(Items from a dataset)
-- Opening Marker --

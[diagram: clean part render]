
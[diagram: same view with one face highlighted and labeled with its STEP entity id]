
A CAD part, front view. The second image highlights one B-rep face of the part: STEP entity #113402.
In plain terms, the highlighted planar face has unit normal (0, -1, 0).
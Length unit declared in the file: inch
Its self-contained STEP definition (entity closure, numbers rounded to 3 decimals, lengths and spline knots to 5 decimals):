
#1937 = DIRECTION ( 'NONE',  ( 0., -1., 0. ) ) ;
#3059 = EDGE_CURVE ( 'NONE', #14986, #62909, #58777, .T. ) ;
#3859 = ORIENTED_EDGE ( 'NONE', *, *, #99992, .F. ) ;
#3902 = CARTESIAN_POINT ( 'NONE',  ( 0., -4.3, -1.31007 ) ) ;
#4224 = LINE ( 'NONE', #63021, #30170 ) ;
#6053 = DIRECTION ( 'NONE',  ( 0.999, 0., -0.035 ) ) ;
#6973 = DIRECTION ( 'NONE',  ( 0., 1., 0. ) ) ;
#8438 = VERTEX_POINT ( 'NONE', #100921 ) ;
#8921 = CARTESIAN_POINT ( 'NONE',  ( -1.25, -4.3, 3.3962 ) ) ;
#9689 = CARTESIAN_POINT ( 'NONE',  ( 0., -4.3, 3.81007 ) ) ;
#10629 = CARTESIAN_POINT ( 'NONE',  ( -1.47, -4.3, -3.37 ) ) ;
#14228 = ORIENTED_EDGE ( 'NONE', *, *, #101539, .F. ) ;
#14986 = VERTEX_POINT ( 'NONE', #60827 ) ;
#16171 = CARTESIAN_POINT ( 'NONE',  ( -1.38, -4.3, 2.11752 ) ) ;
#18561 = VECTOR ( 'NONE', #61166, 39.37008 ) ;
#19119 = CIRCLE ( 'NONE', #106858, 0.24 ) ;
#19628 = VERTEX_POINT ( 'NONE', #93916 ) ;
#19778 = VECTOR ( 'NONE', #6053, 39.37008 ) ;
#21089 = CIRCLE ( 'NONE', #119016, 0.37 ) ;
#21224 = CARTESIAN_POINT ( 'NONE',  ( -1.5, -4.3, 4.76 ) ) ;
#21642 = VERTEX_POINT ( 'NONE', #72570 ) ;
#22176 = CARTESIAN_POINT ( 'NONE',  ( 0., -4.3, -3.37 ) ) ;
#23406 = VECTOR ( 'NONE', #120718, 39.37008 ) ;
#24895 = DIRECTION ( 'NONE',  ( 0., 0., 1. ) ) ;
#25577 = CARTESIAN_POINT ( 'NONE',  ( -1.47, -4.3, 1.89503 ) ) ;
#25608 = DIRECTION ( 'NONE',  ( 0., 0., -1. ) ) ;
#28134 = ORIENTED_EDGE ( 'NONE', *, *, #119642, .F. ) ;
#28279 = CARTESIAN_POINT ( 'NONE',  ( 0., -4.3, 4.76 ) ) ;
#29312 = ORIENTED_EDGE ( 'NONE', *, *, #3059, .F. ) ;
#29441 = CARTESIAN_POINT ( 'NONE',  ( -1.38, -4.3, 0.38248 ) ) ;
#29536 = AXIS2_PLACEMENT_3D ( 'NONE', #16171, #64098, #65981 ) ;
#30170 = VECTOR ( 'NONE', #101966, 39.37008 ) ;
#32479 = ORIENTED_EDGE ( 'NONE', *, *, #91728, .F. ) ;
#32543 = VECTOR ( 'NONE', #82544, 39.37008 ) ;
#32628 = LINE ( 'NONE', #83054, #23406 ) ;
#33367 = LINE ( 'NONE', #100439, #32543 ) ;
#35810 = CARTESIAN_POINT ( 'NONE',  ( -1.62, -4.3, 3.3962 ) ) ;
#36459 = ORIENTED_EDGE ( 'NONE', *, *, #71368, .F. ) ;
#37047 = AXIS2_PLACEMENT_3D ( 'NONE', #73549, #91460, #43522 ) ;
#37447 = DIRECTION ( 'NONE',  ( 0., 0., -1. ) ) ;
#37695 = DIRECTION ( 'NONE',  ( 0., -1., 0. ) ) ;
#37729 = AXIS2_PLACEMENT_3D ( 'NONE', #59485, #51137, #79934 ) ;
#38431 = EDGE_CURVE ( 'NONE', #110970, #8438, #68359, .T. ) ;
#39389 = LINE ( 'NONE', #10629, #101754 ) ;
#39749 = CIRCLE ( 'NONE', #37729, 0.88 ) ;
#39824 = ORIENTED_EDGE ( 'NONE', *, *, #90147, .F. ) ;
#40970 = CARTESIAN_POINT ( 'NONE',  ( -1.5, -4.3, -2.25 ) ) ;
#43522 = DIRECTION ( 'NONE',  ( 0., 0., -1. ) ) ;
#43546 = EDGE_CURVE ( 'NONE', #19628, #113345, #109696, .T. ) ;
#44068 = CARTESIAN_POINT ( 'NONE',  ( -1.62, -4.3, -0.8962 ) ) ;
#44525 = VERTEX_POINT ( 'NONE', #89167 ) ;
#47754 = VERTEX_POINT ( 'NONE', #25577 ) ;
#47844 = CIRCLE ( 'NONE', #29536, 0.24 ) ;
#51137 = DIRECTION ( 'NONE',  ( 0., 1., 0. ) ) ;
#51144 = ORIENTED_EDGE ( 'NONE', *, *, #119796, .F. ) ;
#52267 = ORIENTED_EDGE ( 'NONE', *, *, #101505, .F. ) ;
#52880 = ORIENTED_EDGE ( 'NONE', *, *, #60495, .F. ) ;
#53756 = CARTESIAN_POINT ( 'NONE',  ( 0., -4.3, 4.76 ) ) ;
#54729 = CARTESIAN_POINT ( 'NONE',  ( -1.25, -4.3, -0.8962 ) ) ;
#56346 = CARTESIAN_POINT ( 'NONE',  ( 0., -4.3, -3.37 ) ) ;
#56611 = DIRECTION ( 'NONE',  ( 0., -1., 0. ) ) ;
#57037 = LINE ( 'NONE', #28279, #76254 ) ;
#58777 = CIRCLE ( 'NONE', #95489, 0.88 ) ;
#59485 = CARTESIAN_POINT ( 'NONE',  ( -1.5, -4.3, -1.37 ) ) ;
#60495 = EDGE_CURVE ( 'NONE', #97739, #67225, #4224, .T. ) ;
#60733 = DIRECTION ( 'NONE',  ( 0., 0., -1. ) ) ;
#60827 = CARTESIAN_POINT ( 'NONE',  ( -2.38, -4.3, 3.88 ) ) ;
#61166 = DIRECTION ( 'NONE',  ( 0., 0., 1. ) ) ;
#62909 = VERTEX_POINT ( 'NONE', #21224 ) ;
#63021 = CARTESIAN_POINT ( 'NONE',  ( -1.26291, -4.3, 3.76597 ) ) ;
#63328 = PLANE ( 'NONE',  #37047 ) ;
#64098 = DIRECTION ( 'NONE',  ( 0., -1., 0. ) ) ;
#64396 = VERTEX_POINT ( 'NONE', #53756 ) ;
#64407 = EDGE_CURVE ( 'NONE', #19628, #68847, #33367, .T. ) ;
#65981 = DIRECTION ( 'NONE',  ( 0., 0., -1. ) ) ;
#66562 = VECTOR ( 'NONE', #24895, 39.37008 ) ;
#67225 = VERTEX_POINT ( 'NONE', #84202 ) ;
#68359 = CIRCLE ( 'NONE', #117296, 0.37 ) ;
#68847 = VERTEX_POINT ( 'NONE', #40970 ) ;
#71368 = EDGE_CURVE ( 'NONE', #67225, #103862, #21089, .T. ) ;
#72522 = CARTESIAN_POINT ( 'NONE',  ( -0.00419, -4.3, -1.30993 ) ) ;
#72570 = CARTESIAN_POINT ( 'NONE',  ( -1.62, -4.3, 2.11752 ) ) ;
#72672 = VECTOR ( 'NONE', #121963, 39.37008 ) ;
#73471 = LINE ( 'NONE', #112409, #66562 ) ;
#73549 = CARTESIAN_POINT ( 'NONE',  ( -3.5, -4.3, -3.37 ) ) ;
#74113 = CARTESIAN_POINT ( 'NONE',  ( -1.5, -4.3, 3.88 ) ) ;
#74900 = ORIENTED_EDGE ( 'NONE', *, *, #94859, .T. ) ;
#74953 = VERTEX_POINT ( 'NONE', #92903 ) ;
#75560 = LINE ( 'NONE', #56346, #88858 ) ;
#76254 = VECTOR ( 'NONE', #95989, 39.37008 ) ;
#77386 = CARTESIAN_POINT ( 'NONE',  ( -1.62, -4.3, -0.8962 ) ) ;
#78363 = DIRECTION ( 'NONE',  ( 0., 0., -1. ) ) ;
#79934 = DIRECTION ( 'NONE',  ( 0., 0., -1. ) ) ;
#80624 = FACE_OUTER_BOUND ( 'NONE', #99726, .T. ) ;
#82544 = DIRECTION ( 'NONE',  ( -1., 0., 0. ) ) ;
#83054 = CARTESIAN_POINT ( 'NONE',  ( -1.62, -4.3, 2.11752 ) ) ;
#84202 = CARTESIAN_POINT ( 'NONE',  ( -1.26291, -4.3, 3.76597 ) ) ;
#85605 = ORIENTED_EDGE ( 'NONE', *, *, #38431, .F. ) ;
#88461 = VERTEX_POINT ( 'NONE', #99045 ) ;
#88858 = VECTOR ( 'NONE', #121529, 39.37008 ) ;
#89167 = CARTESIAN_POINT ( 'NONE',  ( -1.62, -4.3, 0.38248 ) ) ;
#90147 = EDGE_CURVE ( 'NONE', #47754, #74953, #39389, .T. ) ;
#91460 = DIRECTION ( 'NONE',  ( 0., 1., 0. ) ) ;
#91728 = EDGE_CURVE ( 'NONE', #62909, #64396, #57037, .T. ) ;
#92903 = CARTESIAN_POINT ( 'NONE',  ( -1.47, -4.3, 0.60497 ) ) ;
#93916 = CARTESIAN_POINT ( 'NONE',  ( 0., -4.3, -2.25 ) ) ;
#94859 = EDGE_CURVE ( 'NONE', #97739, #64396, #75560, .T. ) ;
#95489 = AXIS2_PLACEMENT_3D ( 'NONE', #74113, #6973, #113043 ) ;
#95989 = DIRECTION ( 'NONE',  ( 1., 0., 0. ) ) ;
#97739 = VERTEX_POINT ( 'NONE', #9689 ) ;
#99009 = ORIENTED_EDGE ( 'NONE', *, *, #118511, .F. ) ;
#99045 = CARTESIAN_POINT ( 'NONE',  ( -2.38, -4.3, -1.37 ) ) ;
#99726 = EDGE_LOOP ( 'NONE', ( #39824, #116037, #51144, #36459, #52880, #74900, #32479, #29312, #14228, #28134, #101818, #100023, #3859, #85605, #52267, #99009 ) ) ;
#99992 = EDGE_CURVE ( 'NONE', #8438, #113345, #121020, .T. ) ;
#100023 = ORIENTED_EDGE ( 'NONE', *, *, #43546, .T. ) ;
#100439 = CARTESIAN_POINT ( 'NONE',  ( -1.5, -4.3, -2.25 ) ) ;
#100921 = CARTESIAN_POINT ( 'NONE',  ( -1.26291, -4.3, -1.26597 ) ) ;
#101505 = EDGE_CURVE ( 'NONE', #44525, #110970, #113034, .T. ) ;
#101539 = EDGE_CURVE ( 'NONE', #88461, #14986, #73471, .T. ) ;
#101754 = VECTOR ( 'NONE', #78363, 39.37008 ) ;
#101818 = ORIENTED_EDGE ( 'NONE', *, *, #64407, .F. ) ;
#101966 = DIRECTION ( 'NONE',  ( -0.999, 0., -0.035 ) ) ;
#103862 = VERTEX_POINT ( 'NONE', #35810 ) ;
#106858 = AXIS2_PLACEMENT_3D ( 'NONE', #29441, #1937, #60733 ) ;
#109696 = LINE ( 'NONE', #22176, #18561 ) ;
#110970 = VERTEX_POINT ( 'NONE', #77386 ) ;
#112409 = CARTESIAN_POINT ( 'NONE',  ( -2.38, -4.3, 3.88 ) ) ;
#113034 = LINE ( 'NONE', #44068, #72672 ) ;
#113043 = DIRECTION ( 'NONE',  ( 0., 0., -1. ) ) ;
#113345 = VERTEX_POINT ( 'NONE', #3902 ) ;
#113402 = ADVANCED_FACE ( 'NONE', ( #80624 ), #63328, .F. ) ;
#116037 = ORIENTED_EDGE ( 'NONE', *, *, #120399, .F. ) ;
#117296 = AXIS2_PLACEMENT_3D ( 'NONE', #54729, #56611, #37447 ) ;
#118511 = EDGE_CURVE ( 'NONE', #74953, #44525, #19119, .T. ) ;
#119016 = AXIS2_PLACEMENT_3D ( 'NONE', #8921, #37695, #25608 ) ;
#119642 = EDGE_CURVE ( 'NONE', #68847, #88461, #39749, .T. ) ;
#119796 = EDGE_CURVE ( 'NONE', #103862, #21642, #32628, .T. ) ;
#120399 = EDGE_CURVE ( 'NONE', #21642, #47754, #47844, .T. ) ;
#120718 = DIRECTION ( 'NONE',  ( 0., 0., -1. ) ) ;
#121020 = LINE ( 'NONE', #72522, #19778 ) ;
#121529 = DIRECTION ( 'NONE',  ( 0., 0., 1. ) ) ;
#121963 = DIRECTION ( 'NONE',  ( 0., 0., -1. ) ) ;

-- Closing Marker --

YOUR OBJECTIVE | Return only the lines above that run from the opening line through the line containing "#3902 = CARTESIAN_POINT", exactly as written.

RESULT OF THE EXERCISE |
[diagram: clean part render]
[diagram: same view with one face highlighted and labeled with its STEP entity id]
A CAD part, front view. The second image highlights one B-rep face of the part: STEP entity #113402.
In plain terms, the highlighted planar face has unit normal (0, -1, 0).
Length unit declared in the file: inch
Its self-contained STEP definition (entity closure, numbers rounded to 3 decimals, lengths and spline knots to 5 decimals):
#1937 = DIRECTION ( 'NONE',  ( 0., -1., 0. ) ) ;
#3059 = EDGE_CURVE ( 'NONE', #14986, #62909, #58777, .T. ) ;
#3859 = ORIENTED_EDGE ( 'NONE', *, *, #99992, .F. ) ;
#3902 = CARTESIAN_POINT ( 'NONE',  ( 0., -4.3, -1.31007 ) ) ;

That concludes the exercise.